§ **Exercise requirements**
When a picture appears among the records, leave it out, and copy all else exactly.

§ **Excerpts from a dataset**
▬▬▬

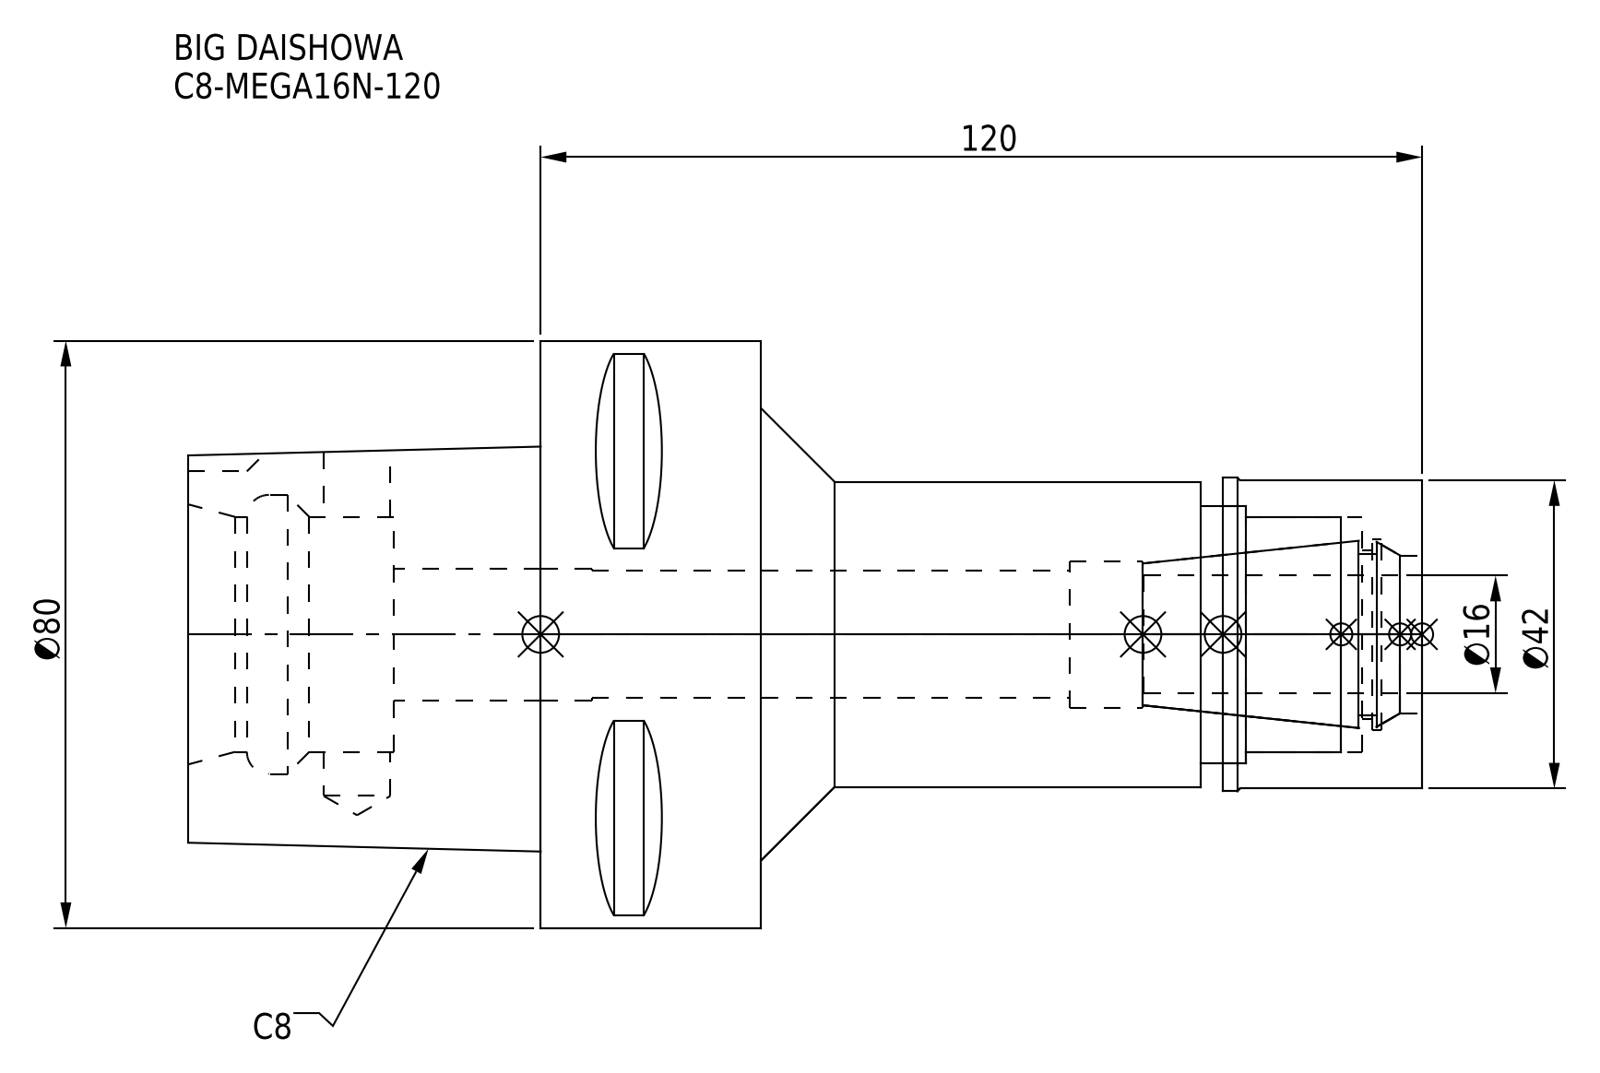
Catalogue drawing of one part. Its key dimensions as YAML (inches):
part_name: "C8-MEGA16N-120-160.stp; C8-MEGA16N-120; DXF_TEMP_ASSY_ASM_4_ASM.stp; MGN16_1.stp (+3 more)"
step_written_by: "SolidWorks 2019 (CONFIG_CONTROL_DESIGN)"
units: inches
bodies: {solids: 2, faces: 95, planar: 38, cylindrical: 39, other: 18}
overall_size: [6.614, 3.15, 3.15]
volume: 19.42
surface_area: 83.68
round_holes:
  - {diameter: 0.358, count: 1}
  - {diameter: 0.681, count: 1}
  - {diameter: 0.709, count: 1}
  - {diameter: 0.787, count: 1}
  - {diameter: 0.846, count: 1}
  - {diameter: 0.906, count: 1}
  - {diameter: 1.024, count: 1}
  - {diameter: 1.26, count: 1}
  - {diameter: 1.378, count: 1}
  - {diameter: 1.496, count: 1}
round_bosses_or_shafts:
  - {diameter: 3.15, count: 1}
  - {diameter: 1.681, count: 1}
  - {diameter: 1.654, count: 1}
  - {diameter: 1.638, count: 1}
partial_cylinders:
  - {radius: 0.236, count: 1}
face_to_face_distances: [1.181, 1.89, 4.724, 3.071, 3.543, 6.614, 0.787, 5.512, 1.969, 1.102]

▬▬▬

§ **Expected output**
Catalogue drawing of one part. Its key dimensions as YAML (inches):
part_name: "C8-MEGA16N-120-160.stp; C8-MEGA16N-120; DXF_TEMP_ASSY_ASM_4_ASM.stp; MGN16_1.stp (+3 more)"
step_written_by: "SolidWorks 2019 (CONFIG_CONTROL_DESIGN)"
units: inches
bodies: {solids: 2, faces: 95, planar: 38, cylindrical: 39, other: 18}
overall_size: [6.614, 3.15, 3.15]
volume: 19.42
surface_area: 83.68
round_holes:
  - {diameter: 0.358, count: 1}
  - {diameter: 0.681, count: 1}
  - {diameter: 0.709, count: 1}
  - {diameter: 0.787, count: 1}
  - {diameter: 0.846, count: 1}
  - {diameter: 0.906, count: 1}
  - {diameter: 1.024, count: 1}
  - {diameter: 1.26, count: 1}
  - {diameter: 1.378, count: 1}
  - {diameter: 1.496, count: 1}
round_bosses_or_shafts:
  - {diameter: 3.15, count: 1}
  - {diameter: 1.681, count: 1}
  - {diameter: 1.654, count: 1}
  - {diameter: 1.638, count: 1}
partial_cylinders:
  - {radius: 0.236, count: 1}
face_to_face_distances: [1.181, 1.89, 4.724, 3.071, 3.543, 6.614, 0.787, 5.512, 1.969, 1.102]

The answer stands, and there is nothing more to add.